Pete _ Threaded Comments for Jira November 20, 2023

G'day 👋

Organizing our messages across all of our apps can be a nightmare. Who said what? Where did they say it? This is especially true when you work across teams in a big company.

We think a lot about how teams communicate. We were talking about our own features and wondered:

What makes Slack's threads such a good feature?

We came up with eight reasons why we think Slack and threaded comments in general have such a big impact on how we work.

1. Noise Reduction

Keeping our comms channels clean is a challenge. The messages never seem to stop coming. Threaded conversations let us gather related messages and updates under an original post.

Threads keep related messages together. And it makes them easier to find and come back to.

On bigger teams, threaded comments are far easier to navigate and work with. You can tune into the threads you need and tune out the ones you don't.

2. Faster Response Times

Efficient communication means timely, direct, and relevant responses to original notes.

Threads in Slack (and in Jira) connect response to original messages. It's easy to find and respond to messages, requests, questions. Threads keep context intact and minimize our need to scroll through tons of unrelated messages.

Have you ever felt like people take too long to reply?

Maybe they lost your original post. With so many messages across so many tools, it may be hard to get to them all.

When it's easier to find the right post or comment, people can and will respond a lot faster.

3. Subtopics Stay Organized

We all use Slack channels. Threads let us go one level deeper, keeping our conversations organized both by Channel and subtopic. We liken this to comments on Jira issues. The issue is like a channel and threaded comments are like the subtopics.

Conversations can happen in the context of a channel. We can also go deeper with threaded conversations about the details. And everything stays organized.

4. Saved for Reference

Keeping older discussions in an easy-to-read format is important for future reference. Threads act like a repository of important, but maybe older and not relevant in the moment, conversations.

If you've ever scrolled a lot of comments on a Jira issue, trying to figure out who said what to who else, it can be head exploding 🤯

Threads make it a lot easier to reference decisions, ideas, and discussions by grouping the relevant messages together.

5. Tracking To-dos

Managing and keeping tabs on work is simplified with threads. Not everyone uses a Jira board or a task list to track work. Some of that happens in comments and messages.

Threads can be treated as a dedicated space for relevant updates, discussions, and files related to a task.

As mentioned before, with the Channels and threads structure, it's easier to keep context around to-dos. It's not a great way to manage tasks, but threads certainly help if Slack or comments are where you do it.

6. Easier for Others to Join In

It can be hard to follow conversation when threads aren't used. With threaded conversations, every team member has the opportunity to get full context and join in the convo.

Slack threads make it easy for more people to quickly get up to speed AND to weigh in on discussions.

7. Cross-Team Conversations

Multiple teams might be in a Slack channel.

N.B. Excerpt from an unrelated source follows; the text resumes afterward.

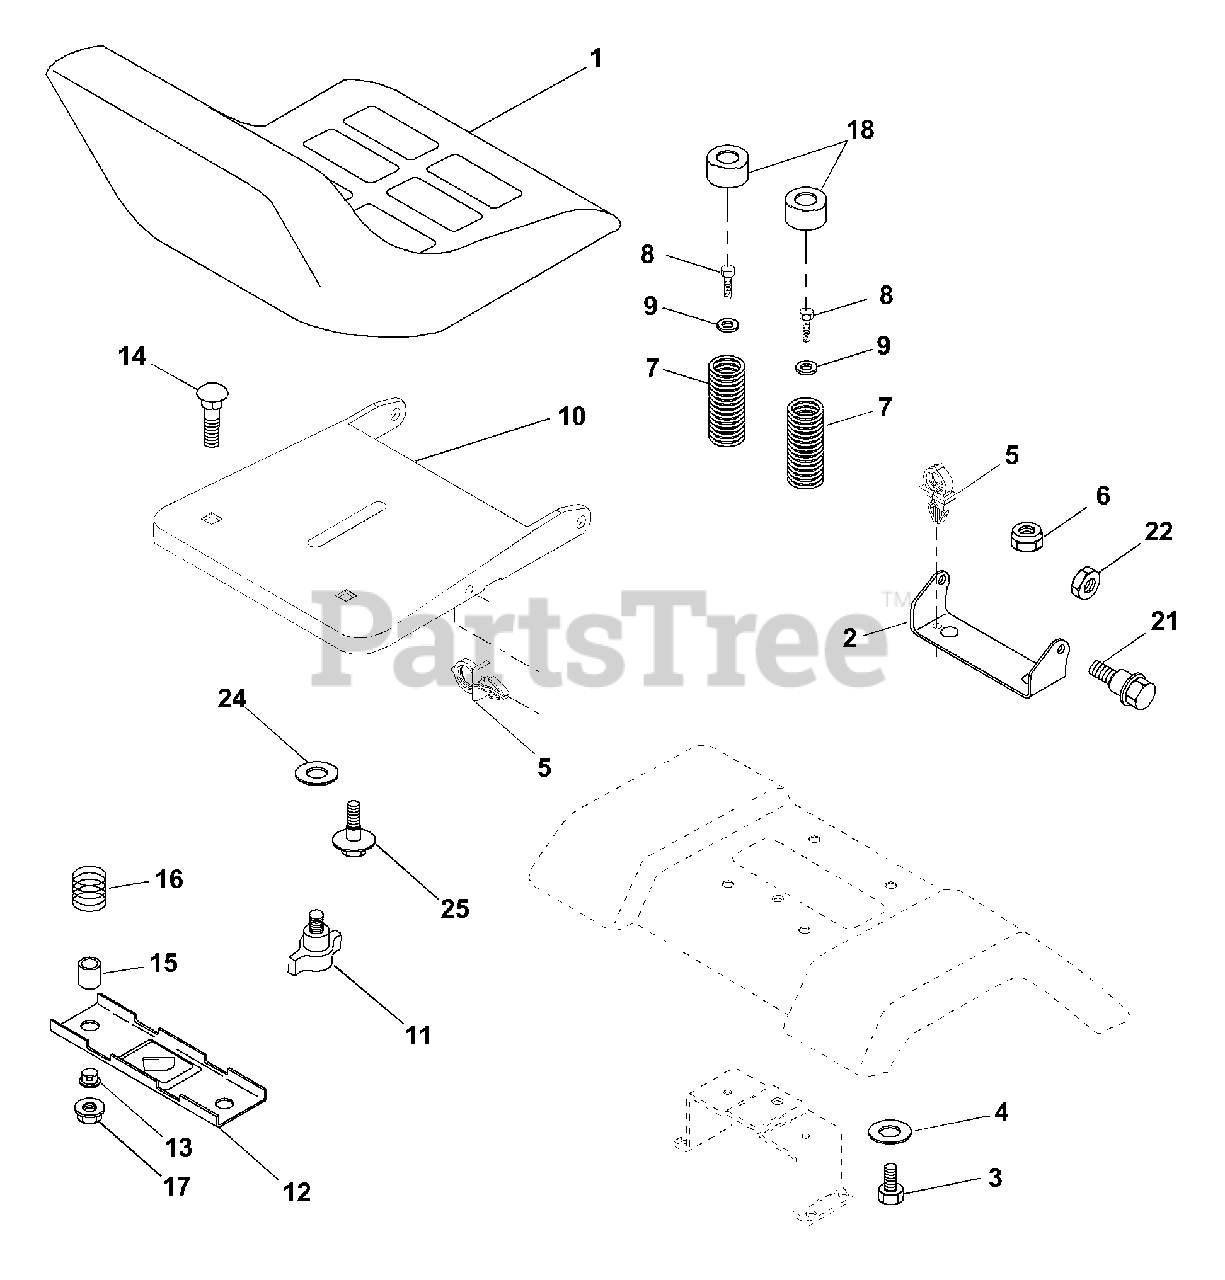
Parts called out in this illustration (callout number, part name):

Threads help those teams have the discussions they need while maintaining that higher level Channel context.

It also means focused conversations can happen between teams without overwhelming the main communication channel. This keeps the channel clean and easy to sort through. Even for newbies.

Clear, Efficient, Effective Team Comms

Slack's threads give us an organized, efficient, and easy-to-follow platform for team communication.

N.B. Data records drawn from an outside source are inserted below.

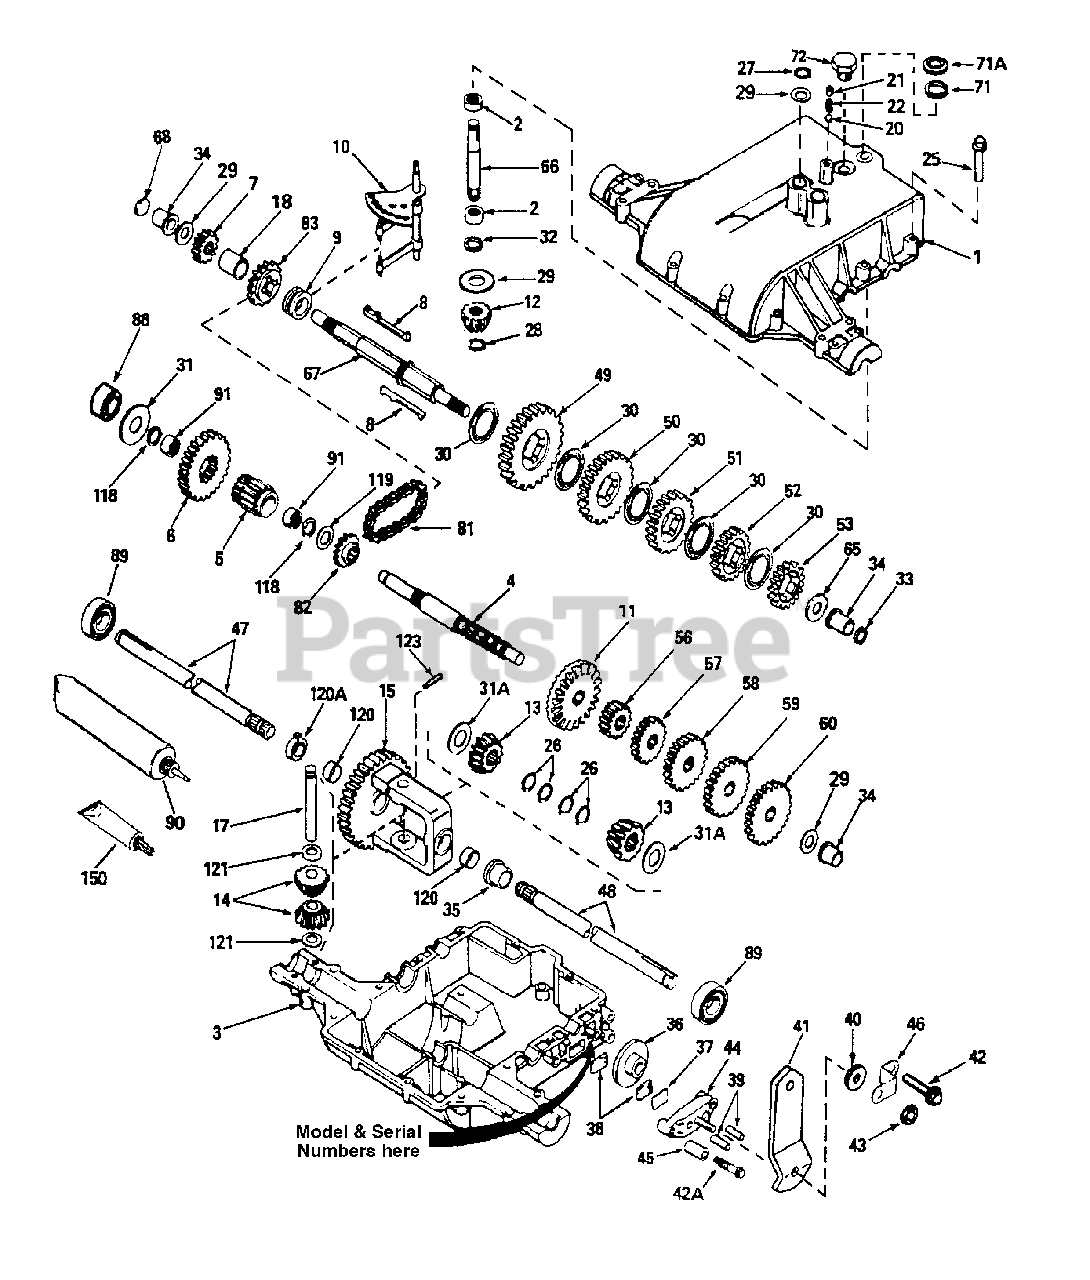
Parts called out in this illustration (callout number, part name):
1	Transaxle Cover
2	Needle Bearing
3	Transaxle Case
4	Countershaft
5	Output Pinion
6	Output Gear (35 teeth)
7	Spur Gear (15 teeth)
8	Shift Key
9	Shift Collar
10	Shift Fork
11	Bevel Gear (42 teeth)
12	Input Bevel Pinion
13	Bevel Gear (16 teeth)
14	Bevel Pinion (16 teeth)
15	Differential Gear Assy.
17	Drive Pin
20	Ball, 5/16" dia.
21	Set Screw, 3/8-16 x 3/8
25	Screw, 1/4-20 x 1-1/4
26	Retaining Ring
27	Retaining Ring
28	Retaining Ring
33	Square Cut Ring
34	Flanged Bushing
35	Flanged Bushing
36	Brake Disk
37	Brake Pad Plate
38	Brake Pad (Pkg of 2)
39	Dowel Pin
41	Brake Lever
42	Screw, 1/4-20 x 1-1/4
42A	Screw, 1/4-20 x 2-1/4
43	Locknut, 5/16-24
44	Brake Pad Holder
46	Brake Lever Bracket
47	Axle (12-1/2" long)
48	Axle (14-3/4" long)
49	Spur Gear (37 teeth)
50	Spur Gear (30 teeth)
51	Spur Gear (25 teeth)
52	Spur Gear (22 teeth)
53	Spur Gear (20 teeth)
56	Spur Gear (12 teeth)
57	Spur Gear (20 teeth)
58	Spur Gear (25 teeth)
59	Spur Gear (28 teeth)
60	Spur Gear (30 teeth)
66	Input Shaft
67	Shifter & Brake Shaft
71	Square Cut Ring
71A	Pushnut, 1/2"
72	Threaded Plug
81	Roller Chain (No. 40 chain, 22 links)
82	Sprocket (10 teeth)
83	Sprocket (14 teeth)
88	Ball Bearing
89	Ball Bearing
90	Grease (32 oz. bottle Bentonite grease)
91	Needle Bearing
118	Square Cut Ring
123	Roll Pin
150	Gasket Eliminator (Loctite #515)
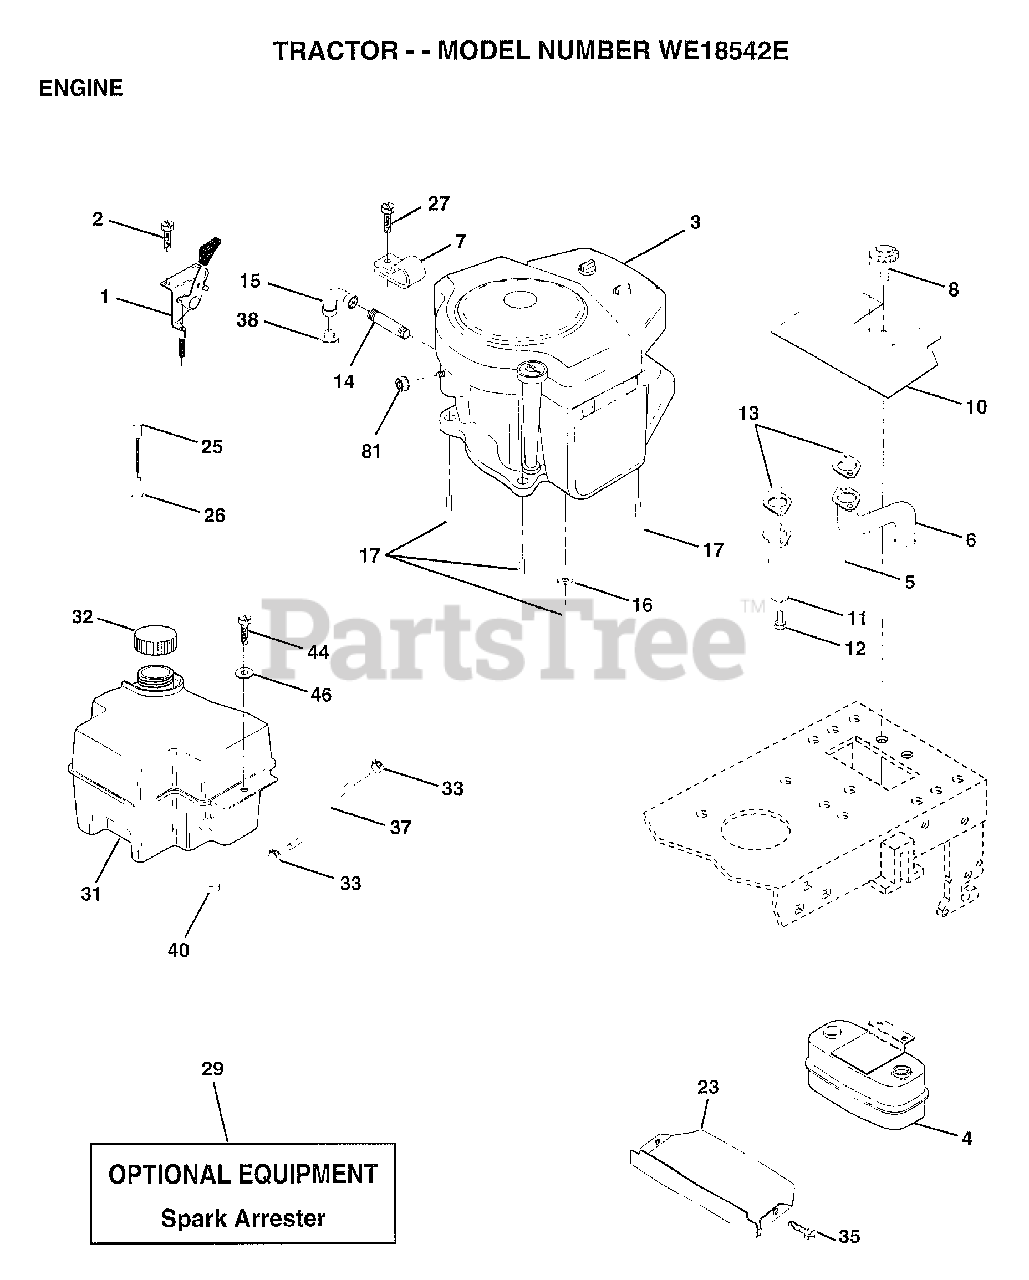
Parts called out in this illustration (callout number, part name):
1	CONTROL THRT 35.5
2	SCREW LT
4	MUFFLER.TW.LOTONE
5	EXHAUST.B&S.18.LH
6	EXHAUST.B&S.18.RH
7	CLAMP.TUBE.DBL.EN
8	BOLT.5/16-18.UNC
10	SHIELD.HEAT.
11	LOCKWASHER
13	GASKET MUFFLER
14	PIPE NIPPLE LT
15	ELBOW
16	LOCKWASHER
17	SCREW LT
23	SHIELD.BRN/DBR.GD
25	CONTROL.CHOKE.37
26	"NUT,KEPS 3/8-24IM"
27	"SCREW-TT,10-32 FL"
31	TANK.FUEL.FRONT.
32	CAP ASM FUEL
33	HOSE CLAMP
35	SCREW
37	LINE FUEL
44	SCREW HEX CRT
46	WASHER
81	NUT

Threads reduce noise. They help people answer (and get answers) quickly. They make it easier to preserve discussions for future reference.

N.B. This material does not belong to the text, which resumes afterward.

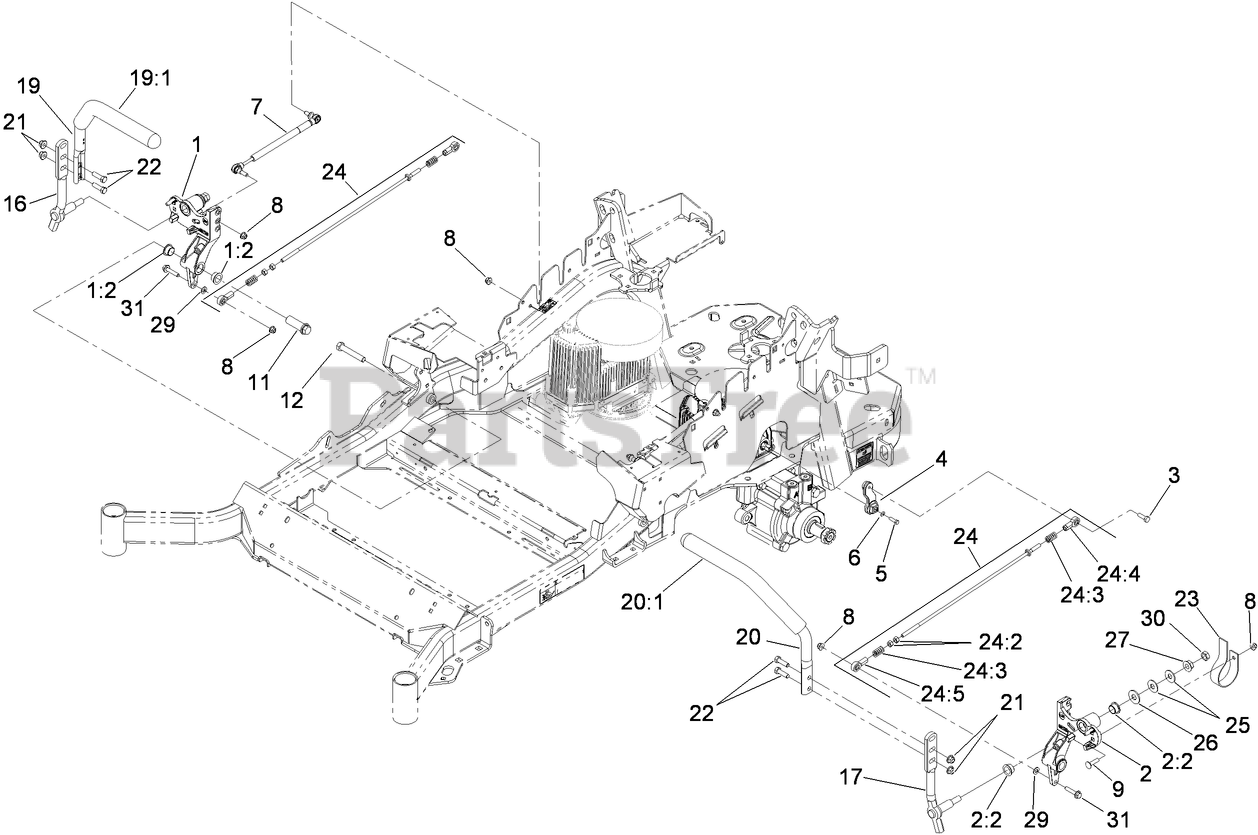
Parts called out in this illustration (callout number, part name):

They help us track tasks, encourage people to join in, and make it easier for cross-functional teams to work together.

Threads simplify and enhance communication for teams no matter what time zone they're in or how complicated their work is.

You don't need a formal policy to force threads on people, but the more you can build threaded conversations into your work, the faster and more effective you'll be.

What say you?

Do your teams make the most of threads? 

Thanks for reading & Hooroo!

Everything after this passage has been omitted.